A person, or entity, may be excluded for many reasons. These include, but are not limited to:
- A conviction for program-related fraud or patient abuse
- An adverse action by a licensing board, such as the Texas Board of Nursing, Texas Medical Board or Texas State Board of Pharmacy
- Being excluded from the Medicare program
Every service provider is responsible for making sure that no excluded individuals or entities are receiving state funds. Specifically, it is each provider's or person's responsibility to ensure that items or services furnished personally by, at the medical direction of, or on the prescription or order of an excluded person are not billed to the Titles V (Maternal and Child Health Services), XIX (Medicaid), XX (Block Grants for Social Services), and/or other HHS programs after the effective date of exclusion. This section applies regardless of whether an excluded person has obtained a program provider number or equivalent, either as an individual or as a member of a group, prior to being reinstated.
When a person or entity is excluded from Medicaid, Title V, Title XX, and other HHS programs,
- The person or entity will not be reimbursed for any item or service they may furnish.

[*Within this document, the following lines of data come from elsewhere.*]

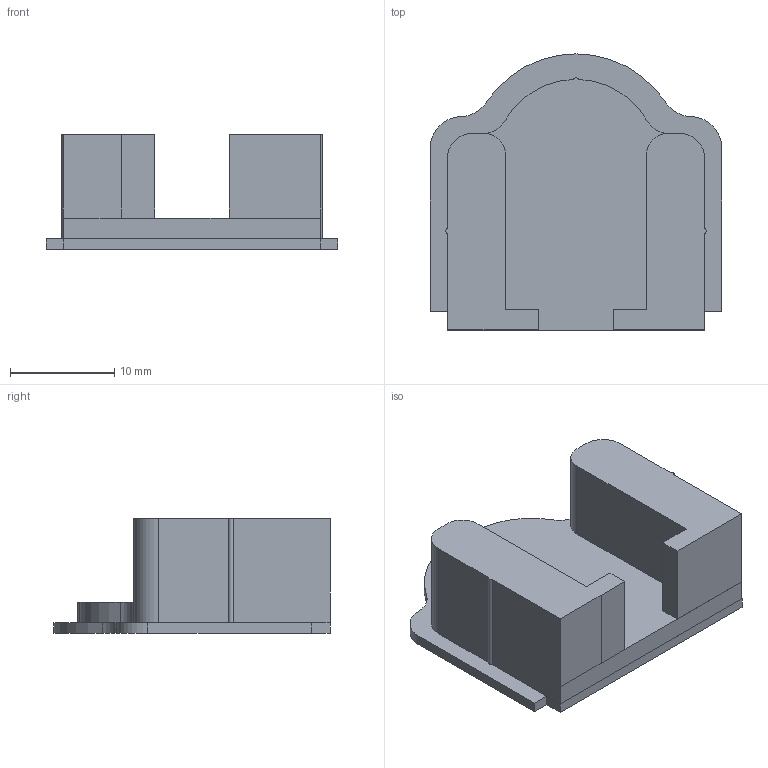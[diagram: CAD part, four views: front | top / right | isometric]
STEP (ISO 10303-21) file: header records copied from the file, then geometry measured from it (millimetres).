
FILE_DESCRIPTION(/* description */ (''),/* implementation_level */ '2;1');
FILE_NAME(/* name */ 'C:\Users\user\Desktop\Cubierta Sensor\Part2.stp',/* time_stamp */ '2018-06-09T12:38:07-05:00',/* author */ ('user'),/* organization */ (''),/* preprocessor_version */ 'ST-DEVELOPER v16.5',/* originating_system */ 'Autodesk Inventor 2017',/* authorisation */ '');
FILE_SCHEMA (('AUTOMOTIVE_DESIGN { 1 0 10303 214 3 1 1 }'));
Length unit declared in the file: millimetre
Products named in the file (1): Part2
Bounding box: 28 x 26.53 x 11 mm (x, y, z)
Volume: 3437.4 mm3; surface area: 2425.5 mm2
Topology: 1 solids, 1 shells, 49 faces, 130 edges, 83 vertices
Faces by surface type: plane 33, cylinder 16
Entity records: 1538 total; most frequent: CARTESIAN_POINT 263, DIRECTION 262, ORIENTED_EDGE 260, EDGE_CURVE 130, LINE 98, VECTOR 98, VERTEX_POINT 83, AXIS2_PLACEMENT_3D 82
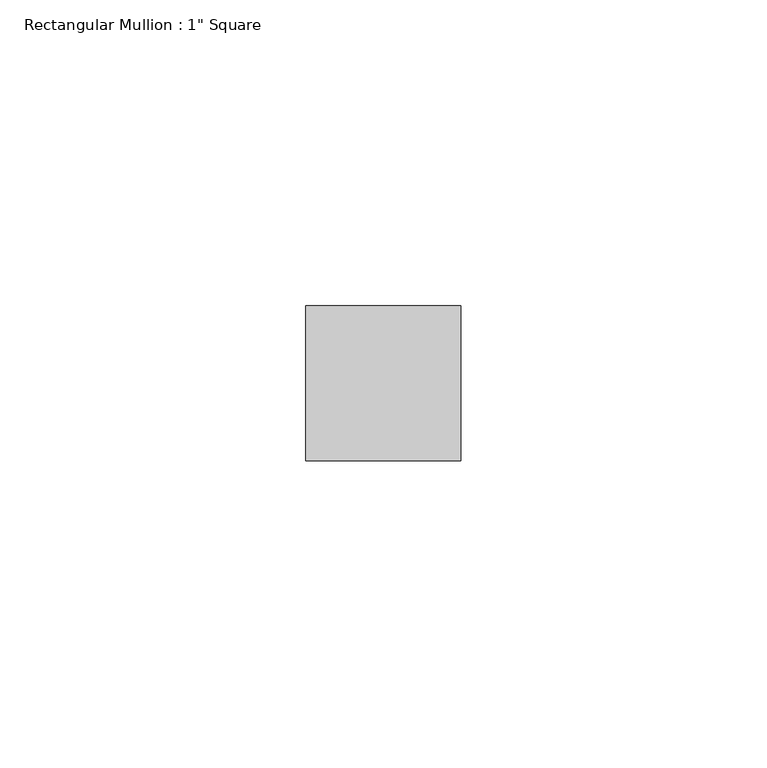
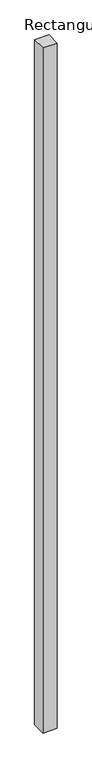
"""IFC4 building model written with IfcOpenShell, lengths in millimetres: member geometry."""

import ifcopenshell
import ifcopenshell.guid

model = None  # the IFC model being written
_history = None  # IfcOwnerHistory: only IFC2X3 demands one
_inside = {}  # id of a spatial element -> (the spatial element, [elements in it])
_under = {}  # id of a project, library or spatial element -> (it, [spatial elements below it])
_declared = {}  # id of a project -> (the project, [libraries it declares])
_typed = {}  # id of a type object -> (the type object, [elements of that type])
_made_of = {}  # id of a material, layer set ... -> (it, [elements and type objects made of it])


def new_model(schema):
    """Start an empty IFC model of exactly this schema.

    Asked for "IFC4X3", IfcOpenShell would pick the latest addendum, in which some entities
    have other attributes; the version numbers below select the first issue.
    IFC2X3 requires an IfcOwnerHistory on every rooted entity: one is made here for all.
    """
    global model, _history
    if schema == "IFC4X3":
        model = ifcopenshell.file(schema_version=(4, 3, 0, 0))
    else:
        model = ifcopenshell.file(schema=schema)
    _inside.clear()
    _under.clear()
    _declared.clear()
    _typed.clear()
    _made_of.clear()
    _history = None
    if model.schema == "IFC2X3":
        org = make("IfcOrganization", Name="unknown")
        user = make(
            "IfcPersonAndOrganization",
            ThePerson=make("IfcPerson", FamilyName="unknown"),
            TheOrganization=org,
        )
        app = make(
            "IfcApplication",
            ApplicationDeveloper=org,
            Version="unknown",
            ApplicationFullName="unknown",
            ApplicationIdentifier="unknown",
        )
        _history = make(
            "IfcOwnerHistory",
            OwningUser=user,
            OwningApplication=app,
            ChangeAction="ADDED",
            CreationDate=0,
        )
    return model


def make(cls, **values):
    """One entity of the class cls with the attributes given. An attribute that is None is left unset."""
    return model.create_entity(
        cls, **{name: value for name, value in values.items() if value is not None}
    )


def rooted(cls, **values):
    """An entity with a GlobalId (a new one), such as an element, a storey or a relation."""
    return make(cls, GlobalId=ifcopenshell.guid.new(), OwnerHistory=_history, **values)


def si_unit(unit_type, name, prefix=None):
    """IfcSIUnit, for example si_unit("LENGTHUNIT", "METRE", prefix="MILLI")."""
    return make("IfcSIUnit", UnitType=unit_type, Prefix=prefix, Name=name)


def assignment(units):
    """IfcUnitAssignment: the units of a project."""
    return None if units is None else make("IfcUnitAssignment", Units=units)


def point(xyz):
    """IfcCartesianPoint."""
    return None if xyz is None else make("IfcCartesianPoint", Coordinates=xyz)


def direction(xyz):
    """IfcDirection."""
    return None if xyz is None else make("IfcDirection", DirectionRatios=xyz)


def frame(location, z_axis=None, x_axis=None):
    """IfcAxis2Placement3D, a coordinate frame: its origin and axes. An axis left out is left unset."""
    return make(
        "IfcAxis2Placement3D",
        Location=point(location),
        Axis=direction(z_axis),
        RefDirection=direction(x_axis),
    )


def origin():
    """The frame at (0, 0, 0) with its axes left unset."""
    return frame((0.0, 0.0, 0.0))


def place(relative_to, where):
    """IfcLocalPlacement: puts the frame where relative to a parent placement (None: the world)."""
    return make(
        "IfcLocalPlacement", PlacementRelTo=relative_to, RelativePlacement=where
    )


def context(
    kind, dimensions, precision=None, world=None, true_north=None, identifier=None
):
    """IfcGeometricRepresentationContext, for example the 3D "Model" context."""
    return make(
        "IfcGeometricRepresentationContext",
        ContextIdentifier=identifier,
        ContextType=kind,
        CoordinateSpaceDimension=dimensions,
        Precision=precision,
        WorldCoordinateSystem=world,
        TrueNorth=true_north,
    )


def project(units=None, contexts=None):
    """IfcProject with its units and contexts."""
    return rooted(
        "IfcProject",
        Name="project",
        RepresentationContexts=contexts,
        UnitsInContext=assignment(units),
    )


def spatial(cls, under=None, at=None, **own):
    """A site, building, storey or space (cls), placed at a placement, below another one or the project."""
    s = rooted(cls, ObjectPlacement=at, **own)
    if under is not None:
        _under.setdefault(under.id(), (under, []))[1].append(s)
    return s


def polyline(points):
    """IfcPolyline through the points."""
    return make("IfcPolyline", Points=[point(p) for p in points])


def outline(outer, holes=None, kind="AREA"):
    """IfcArbitraryClosedProfileDef: a profile drawn as a closed curve; with holes, ...WithVoids."""
    if holes is None:
        return make("IfcArbitraryClosedProfileDef", ProfileType=kind, OuterCurve=outer)
    return make(
        "IfcArbitraryProfileDefWithVoids",
        ProfileType=kind,
        OuterCurve=outer,
        InnerCurves=holes,
    )


def extrude(swept, where, along, depth):
    """IfcExtrudedAreaSolid: the profile swept, set in the frame where, extruded along a direction by depth."""
    return make(
        "IfcExtrudedAreaSolid",
        SweptArea=swept,
        Position=where,
        ExtrudedDirection=direction(along),
        Depth=depth,
    )


def shape(context_of_items, identifier, shape_type, items):
    """IfcShapeRepresentation: the items that make up one representation, for example the "Body"."""
    return make(
        "IfcShapeRepresentation",
        ContextOfItems=context_of_items,
        RepresentationIdentifier=identifier,
        RepresentationType=shape_type,
        Items=items,
    )


def source(mapping_origin, context_of_items, identifier, shape_type, items):
    """IfcRepresentationMap: a shape defined once, which mapped items show again and again."""
    return make(
        "IfcRepresentationMap",
        MappingOrigin=mapping_origin,
        MappedRepresentation=shape(context_of_items, identifier, shape_type, items),
    )


def transform(
    local_origin,
    x_axis=None,
    y_axis=None,
    z_axis=None,
    scale=None,
    scale2=None,
    scale3=None,
    uniform=True,
):
    """IfcCartesianTransformationOperator3D, or its non-uniform kind. x_axis, y_axis, z_axis: its Axis1, 2, 3."""
    if uniform:
        return make(
            "IfcCartesianTransformationOperator3D",
            Axis1=direction(x_axis),
            Axis2=direction(y_axis),
            LocalOrigin=point(local_origin),
            Scale=scale,
            Axis3=direction(z_axis),
        )
    return make(
        "IfcCartesianTransformationOperator3DnonUniform",
        Axis1=direction(x_axis),
        Axis2=direction(y_axis),
        LocalOrigin=point(local_origin),
        Scale=scale,
        Axis3=direction(z_axis),
        Scale2=scale2,
        Scale3=scale3,
    )


def mapped(mapping_source, mapping_target):
    """IfcMappedItem: shows the shape of a source again, moved by a transform."""
    return make(
        "IfcMappedItem", MappingSource=mapping_source, MappingTarget=mapping_target
    )


def made_of(thing, what):
    """Note that an element or type object is made of a material, layer set ...; save() writes the relation."""
    if what is not None:
        _made_of.setdefault(what.id(), (what, []))[1].append(thing)
    return thing


def element(
    cls,
    number,
    at=None,
    inside=None,
    cuts=None,
    type_object=None,
    material=None,
    context=None,
    identifier="Body",
    shape_type=None,
    held_by="IfcProductDefinitionShape",
    body=None,
    shapes=None,
    **own,
):
    """One element of the class cls, such as IfcWall. Its Tag is "e" and its number.

    at: its placement. inside: the storey or other place that contains it. cuts: it is an
    opening in that element (IfcRelVoidsElement). A single representation is given by context,
    identifier, shape_type and body (its items); several are given by shapes. held_by: the class
    of the entity that holds the representations. save() writes the other relations.
    """
    e = rooted(cls, Tag="e%d" % number, ObjectPlacement=at, **own)
    if body is not None:
        shapes = [shape(context, identifier, shape_type, body)]
    if shapes is not None:
        e.Representation = make(held_by, Representations=shapes)
    if inside is not None:
        _inside.setdefault(inside.id(), (inside, []))[1].append(e)
    if cuts is not None:
        rooted(
            "IfcRelVoidsElement", RelatingBuildingElement=cuts, RelatedOpeningElement=e
        )
    if type_object is not None:
        _typed.setdefault(type_object.id(), (type_object, []))[1].append(e)
    return made_of(e, material)


def aggregate(whole, parts):
    """IfcRelAggregates: a whole, such as a stair, and the parts it consists of."""
    return rooted("IfcRelAggregates", RelatingObject=whole, RelatedObjects=parts)


def save(model, path):
    """Write the relations noted so far, then the file.

    IfcRelAggregates (storeys below a building ...), IfcRelContainedInSpatialStructure (elements
    in a storey), IfcRelDefinesByType, IfcRelAssociatesMaterial and IfcRelDeclares: one each for
    every whole, place, type object, material and project.
    """
    for whole, parts in _under.values():
        aggregate(whole, parts)
    for where, things in _inside.values():
        rooted(
            "IfcRelContainedInSpatialStructure",
            RelatedElements=things,
            RelatingStructure=where,
        )
    for kind, things in _typed.values():
        rooted("IfcRelDefinesByType", RelatedObjects=things, RelatingType=kind)
    for what, things in _made_of.values():
        rooted("IfcRelAssociatesMaterial", RelatedObjects=things, RelatingMaterial=what)
    for by, libraries in _declared.values():
        rooted("IfcRelDeclares", RelatingContext=by, RelatedDefinitions=libraries)
    model.write(path)


def member_f8dfbb61(model_context):
    return source(origin(), model_context, "Body", "SweptSolid", [
        extrude(outline(polyline([(12.7, 12.7), (12.7, -12.7), (-12.7, -12.7), (-12.7, 12.7), (12.7, 12.7)])), frame((0.0, 0.0, -1294.0499987), z_axis=(0.0, 0.0, 1.0), x_axis=(1.0, 0.0, 0.0)), (0.0, 0.0, 1.0), 1294.0499987),
    ])


if __name__ == "__main__":
    model = new_model("IFC4")
    model_context = context("Model", 3, world=origin())
    ifc_project = project(units=[si_unit("LENGTHUNIT", "METRE", prefix="MILLI")], contexts=[model_context])
    site = spatial("IfcSite", under=ifc_project)
    building = spatial("IfcBuilding", under=site)
    placement = place(None, origin())
    member_shape = member_f8dfbb61(model_context)
    element("IfcMember", 1, ObjectType="Rectangular Mullion : 1\" Square", at=placement, inside=building, context=model_context, shape_type="MappedRepresentation", body=[
        mapped(member_shape, transform((0.0, 0.0, 0.0), x_axis=(1.0, 0.0, 0.0), y_axis=(0.0, 1.0, 0.0), z_axis=(0.0, 0.0, 1.0))),
    ])
    save(model, "model.ifc")

- The person or entity may neither personally, nor through a clinic, group, corporation, or other means, bill or otherwise request or receive payment for any Title V, XIX, or XX, or other HHS programs, or request or receive payment from the Medicaid program.
- The person or entity may not assess care, or order or prescribe services to Title V, XIX, or XX, or other HHS programs recipients. This applies regardless of whether the services were provided directly or indirectly. Also, a clinic, group, corporation, or other entity is not allowed to submit claims for any assessments, services, or items provided by a person who is excluded from participation.
- Any entity that employs, or otherwise associates with, an excluded person is not allowed to include within a cost report, or any other documents used to determine an individual payment rate, a statewide payment rate or a fee, the salary, fringe benefits, overhead, or any other costs associated with the person excluded.
- If a person who is later excluded has written an order or prescription before the exclusion date, the prescription remains valid for the duration of the order or prescription.
- If, after a person or entity is excluded, they submit claims for payment, we may assess administrative damages and penalties.
All service providers should check OIG's exclusion list monthly.
If you discover a current employee has been excluded from Medicaid or another HHS program you have a responsibility to notify the OIG. To assist in the process the OIG has released a Self-Disclosure Protocol.